--- START ---

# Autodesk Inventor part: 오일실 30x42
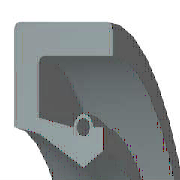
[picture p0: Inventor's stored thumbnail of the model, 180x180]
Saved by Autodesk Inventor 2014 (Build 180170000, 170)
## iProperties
IsCustomPart: 0
Company: 한국ATC센터
Created: 2009-02
Part Number: 오일실 30x42
Material: 고무
Description: 오일-실
Document SubType Name: Modeling
Standard: KS B 2804
Designer: KYOUNG IL JANG
Standards Organization: KS
Language: ko-KR
Size Designation: S - 30 42 8
Categories: <MemberInstance><Categories><Category DisplayName="샤프트 부품" InternalName="7f7aeb1f-a693-4053-b835-cee3144e0d98" Mnemonic="SHFT"><Category DisplayName="실링" Intern
Density: 0.93 g/cm^3
Appearance: 고무 - 검은색 - 버전 1.1
Author: KYOUNG IL JANG
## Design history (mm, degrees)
revolve "본체" stored, may be unused: angle "d17" = 90 deg
revolve "스프링1" stored, may be unused: angle "d18" = 90 deg
body "Solid1"
sketch "스케치1"
  geometry: L1 (0, 21)-(8, 21); L2 (8, 21)-(8, 19.75); L3 (8, 19.75)-(1.75, 19.75); L4 (0, 21)-(0, 17.1); L5 (0, 17.1)-(1.75, 16.75); L6 (1.75, 16.75)-(4.9, 15); L7 (4.9, 15)-(0, 15); L8 (6.3, 15.875)-(6.3, 17.1); L9 (0, 0)-(9.586, 0) reference; L10 (4.9, 15)-(6.3, 15.875); L11 (0, 18)-(0, -3) reference; L12 (-1.917, 0)-(11.503, 0) reference; L13 (4.2, 17.1)-(1.75, 17.59); L14 (1.75, 17.59)-(1.75, 19.75); L15 (6.3, 17.1)-(5.6, 17.1); C1 r 0.455 at (4.9, 17.1); A1 r 0.7 centre (4.9, 17.1) between (5.6, 17.1) and (4.2, 17.1)
  constraints: 26 end point, 5 horizontal alignment, 4 perpendicular, 2 centre point, 2 collinear, 2 horizontal, 2 parallel, 2 point on circle, 2 point on line, 2 vertical alignment, 1 coincident
  dimensions: "d0" = 42 diameter of L1 L9 (= SD2); "d1" = 31.75 diameter of L8.start L9 (= ABDM); "d2" = 1.25 distance of L1.end L2.end (computed from SD); "d3" = 0.91 diameter of C1 (= SPDI); "d4" = 1.4 diameter of A1 (= SPDA); "d5" = 30 diameter of L6.end L9 (= NND); "d6" = 33.5 diameter of L5.end L9 (= TKDM); "d7" = 34.2 diameter of L4.end L9 (= HLDM); "d8" = 4.9 distance from line of C1.centre L4 (= SPDST); "d9" = 6.3 distance between parallel lines of L8 L4 (= SDI); "d10" = 8 distance between parallel lines of L2 L4 (= SWDT); "d12" = 1.75 distance between parallel lines of L14 L4 (= SD)
fillet "모깎기1" dims "d11" = 0.4 (= RR)
other parameters: "SD2" = 42 [user parameter; used in 1 equation term], "SWDT" = 8 [user parameter; used in 1 equation term], "RR" = 0.4 [user parameter; used in 1 equation term], "SD" = 1.75 [user parameter; used in 2 equation terms], "NND" = 30 [user parameter; used in 1 equation term], "SPDA" = 1.4 [user parameter; used in 1 equation term], "SPDI" = 0.91 [user parameter; used in 1 equation term], "TKDM" = 33.5 [user parameter; used in 1 equation term], "HLDM" = 34.2 [user parameter; used in 1 equation term], "ABDM" = 31.75 [user parameter; used in 1 equation term], "SDI" = 6.3 [user parameter; used in 1 equation term], "SPDST" = 4.9 [user parameter; used in 1 equation term], "d13" = 0, "d14" = 0, "d15" = 0, "LAB" = 0.35 [user parameter]
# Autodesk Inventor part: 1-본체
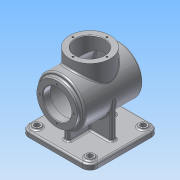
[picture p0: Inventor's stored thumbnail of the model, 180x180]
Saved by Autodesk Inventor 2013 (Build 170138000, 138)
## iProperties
Created: 2015-07
Part Number: 1-본체
Material: 알루미늄 6061
Document SubType Name: Modeling
Designer: Administrator
Density: 2.71 g/cm^3
Mass: 1277.74 g
Surface Area: 1267.64 cm^2
Volume: 471.49 cm^3
Author: Administrator
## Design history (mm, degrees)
sketch "스케치1"
  geometry: C1 r 45 at (0, 0); 1 further point
  constraints: 1 centre point, 1 coincident
  dimensions: "d0" = 90 diameter of C1
extrude "돌출1" new body sketch "스케치1" stored distance "d2" = 110; taper "d3" = 0 deg
node "작업 평면1"
sketch "스케치2"
  geometry: L1 (-50, 65)-(50, 65); L2 (65, 50)-(65, -50); L3 (50, -65)-(-50, -65); L4 (-65, -50)-(-65, 50); A1 r 15 centre (-50, 50) between (-50, 65) and (-65, 50); A2 r 15 centre (50, 50) between (65, 50) and (50, 65); A3 r 15 centre (50, -50) between (50, -65) and (65, -50); A4 r 15 centre (-50, -50) between (-65, -50) and (-50, -65); 2 further points
  constraints: 8 end point, 8 point on circle, 8 tangent, 4 centre point, 3 equal radius, 2 parallel, 2 perpendicular, 1 horizontal, 1 midpoint, 1 vertical alignment
  dimensions: "d5" = 65 distance from line of L3 point (0, 0); "d6" = 65 distance from line of L1 point (0, 0); "d7" = 15 radius of A1
extrude "돌출2" join sketch "스케치2" distance "d8" = 10; taper "d9" = 0 deg
sketch "스케치3"
  geometry: L1 (-78, 50)-(-78, 65) reference; L2 (-78, -50)-(-78, 50) reference; L3 (-78, -65)-(-78, -50) reference; L4 (-68, 50)-(-68, 65) reference; L5 (-68, -50)-(-68, 50) reference; L6 (-68, -65)-(-68, -50) reference; L7 (0, 45)-(-68, 45); L8 (0, -45)-(-68, -45); A1 r 45 centre (0, 0) between (0, 45) and (0, -45) reference; 1 further point
  constraints: 4 end point, 2 perpendicular, 2 point on circle, 2 point on line, 2 tangent
extrude "돌출3" join sketch "스케치3" stored distance "d10" = 10; taper "d11" = 0 deg
sketch "스케치4"
  geometry: L1 (68, -50)-(68, -65) reference; L2 (68, 65)-(68, 50) reference; L3 (68, 50)-(68, -50) reference; L4 (45, -55)-(45, 55) reference; L5 (68, 45)-(18, 45); L6 (18, 45)-(18, -45); L7 (18, -45)-(68, -45); 2 further points
  constraints: 6 end point, 3 perpendicular, 2 point on line, 1 horizontal alignment, 1 midpoint
  dimensions: "d12" = 90 distance between parallel lines of L7 L5; "d14" = 50 distance between parallel lines of L3 L6
extrude "돌출4" join sketch "스케치4" stored distance "d15" = 10; taper "d16" = 0 deg
sketch "스케치5"
  geometry: C1 r 38 at (0, 0); 1 further point
  constraints: 1 centre point, 1 coincident
  dimensions: "d17" = 76 diameter of C1
extrude "돌출5" join sketch "스케치5" distance "d19" = 62; taper "d20" = 0 deg
sketch "스케치6"
  geometry: C1 r 38 at (0, 0); 1 further point
  constraints: 1 centre point, 1 coincident
  dimensions: "d21" = 76 diameter of C1
extrude "돌출6" join sketch "스케치6" distance "d23" = 7; taper "d24" = 0 deg
sketch "스케치7"
  geometry: L1 (-50, 50)-(50, 50); L2 (50, 50)-(50, -50); L3 (50, -50)-(-50, -50); L4 (-50, -50)-(-50, 50); C1 r 7.5 at (-50, 50); C2 r 7.5 at (50, 50); C3 r 7.5 at (50, -50); C4 r 7.5 at (-50, -50); 3 further points
  constraints: 8 end point, 4 centre point, 4 coincident, 3 equal radius, 2 midpoint, 2 parallel, 1 horizontal, 1 horizontal alignment, 1 perpendicular, 1 vertical alignment
  dimensions: "d25" = 100 distance of L1.start L1.end; "d27" = 100 distance of L1.end L2.end; "d28" = 15 diameter of C2
extrude "돌출7" join sketch "스케치7" distance "d29" = 3; taper "d30" = 0 deg
hole "구멍1" diameter "d33" = 10; stored, may be unused: countersink angle "d37" = 90 deg, drill point angle "d39" = 118 deg; dims "d31" = 10, "d32" = 10, "d34" = 6, "d35" = 4, "d36" = 2, "d38" = 8
hole "구멍2" diameter "d42" = 10; stored, may be unused: countersink angle "d46" = 90 deg, drill point angle "d48" = 118 deg; dims "d40" = 10, "d41" = 10, "d43" = 6, "d44" = 4, "d45" = 2, "d47" = 8
hole "구멍3" diameter "d51" = 10; stored, may be unused: countersink angle "d55" = 90 deg, drill point angle "d57" = 118 deg; dims "d49" = 10, "d50" = 10, "d52" = 6, "d53" = 4, "d54" = 2, "d56" = 8
hole "구멍4" diameter "d60" = 10; stored, may be unused: countersink angle "d64" = 90 deg, drill point angle "d66" = 118 deg; dims "d58" = 10, "d59" = 10, "d61" = 6, "d62" = 4, "d63" = 2, "d65" = 8
sketch "스케치8"
  geometry: L1 (-45, -55)-(45, -55) reference; L2 (38, 62)-(-38, 62) reference; L3 (0, -55)-(0, 62); L4 (0, -48)-(-40, -48); L5 (-40, -48)-(-40, 48); L6 (-40, 48)-(-27, 48); L7 (-27, 48)-(-27, 62); 1 further point
  constraints: 10 end point, 3 perpendicular, 2 midpoint, 2 point on line, 1 parallel, 1 vertical
  dimensions: "d67" = 14 distance of L6.end L7.end; "d69" = 7 distance between parallel lines of L1 L4; "d70" = 80 diameter of L5 L3; "d71" = 54 diameter of L7 L3
revolve "회전1" sketch "스케치8" stored, may be unused: angle "d72" = 90 deg
hole "구멍5" diameter "d75" = 54; stored, may be unused: countersink angle "d79" = 90 deg, drill point angle "d81" = 118 deg; dims "d73" = 10, "d74" = 10, "d76" = 6, "d77" = 4, "d78" = 2, "d80" = 50
sketch "스케치10"
  geometry: 2 further points
  constraints: 1 vertical alignment
  dimensions: "d82" = 32 distance of point (0, 0) point (0, 32)
hole "구멍6" sketch "스케치10" at (0, 32) diameter "d83" = 3.242; stored, may be unused: countersink angle "d87" = 90 deg, drill point angle "d89" = 118 deg; dims "d84" = 8, "d85" = 4, "d86" = 2, "d88" = 10
sketch "스케치11"
  geometry: 2 further points
  constraints: 1 horizontal alignment
  dimensions: "d93" = 32 distance of point (32, 0) point (0, 0)
hole "구멍7" sketch "스케치11" at (32, 0) diameter "d94" = 3.242; stored, may be unused: countersink angle "d98" = 90 deg, drill point angle "d100" = 118 deg; dims "d95" = 8, "d96" = 4, "d97" = 2, "d99" = 10
sketch "스케치12"
  geometry: L1 (-3.602, -24.887)-(-3.602, 24.887); L2 (-3.602, 24.887)-(3.602, 24.887); L3 (3.602, 24.887)-(3.602, -24.887); L4 (3.602, -24.887)-(-3.602, -24.887); 4 further points
  constraints: 2 midpoint, 1 coincident, 1 horizontal alignment, 1 vertical, 1 vertical alignment, 2 other
  dimensions: "d104" = 7.20489 distance between parallel lines of L3 L1; "d105" = 49.77477 distance between parallel lines of L4 L2
feature "엠보싱1" sketch "스케치12" dims "d0" = 90, "d106" = 0.5, "d107" = 0
chamfer "모따기1" distance "d108" = 1; stored, may be unused: second distance "d109" = 2, angle "d110" = 45 deg
chamfer "모따기2" distance "d111" = 1; stored, may be unused: second distance "d112" = 2, angle "d113" = 45 deg
fillet "모깎기1" dims "d114" = 3
fillet "모깎기2" dims "d115" = 3
fillet "모깎기3" dims "d116" = 3
fillet "모깎기4" dims "d117" = 3
fillet "모깎기5" dims "d118" = 3
fillet "모깎기6" dims "d119" = 3
fillet "모깎기7" dims "d120" = 3
fillet "모깎기8" dims "d121" = 3
fillet "모깎기9" dims "d122" = 3
fillet "모깎기10" dims "d123" = 3
node "솔리드1"
pattern_circular "원형 패턴1" dims angle "d91" = 360 deg
pattern_circular "원형 패턴2" dims angle "d102" = 360 deg
other parameters: "d4" = -78

--- END ---

(What to work on)
Taking the entries above, print exactly the lines starting at the line with "Part Number: 1-본체" and ending at the line with "new body sketch", both included.

(Exercise result)
Part Number: 1-본체
Material: 알루미늄 6061
Document SubType Name: Modeling
Designer: Administrator
Density: 2.71 g/cm^3
Mass: 1277.74 g
Surface Area: 1267.64 cm^2
Volume: 471.49 cm^3
Author: Administrator
## Design history (mm, degrees)
sketch "스케치1"
  geometry: C1 r 45 at (0, 0); 1 further point
  constraints: 1 centre point, 1 coincident
  dimensions: "d0" = 90 diameter of C1
extrude "돌출1" new body sketch "스케치1" stored distance "d2" = 110; taper "d3" = 0 deg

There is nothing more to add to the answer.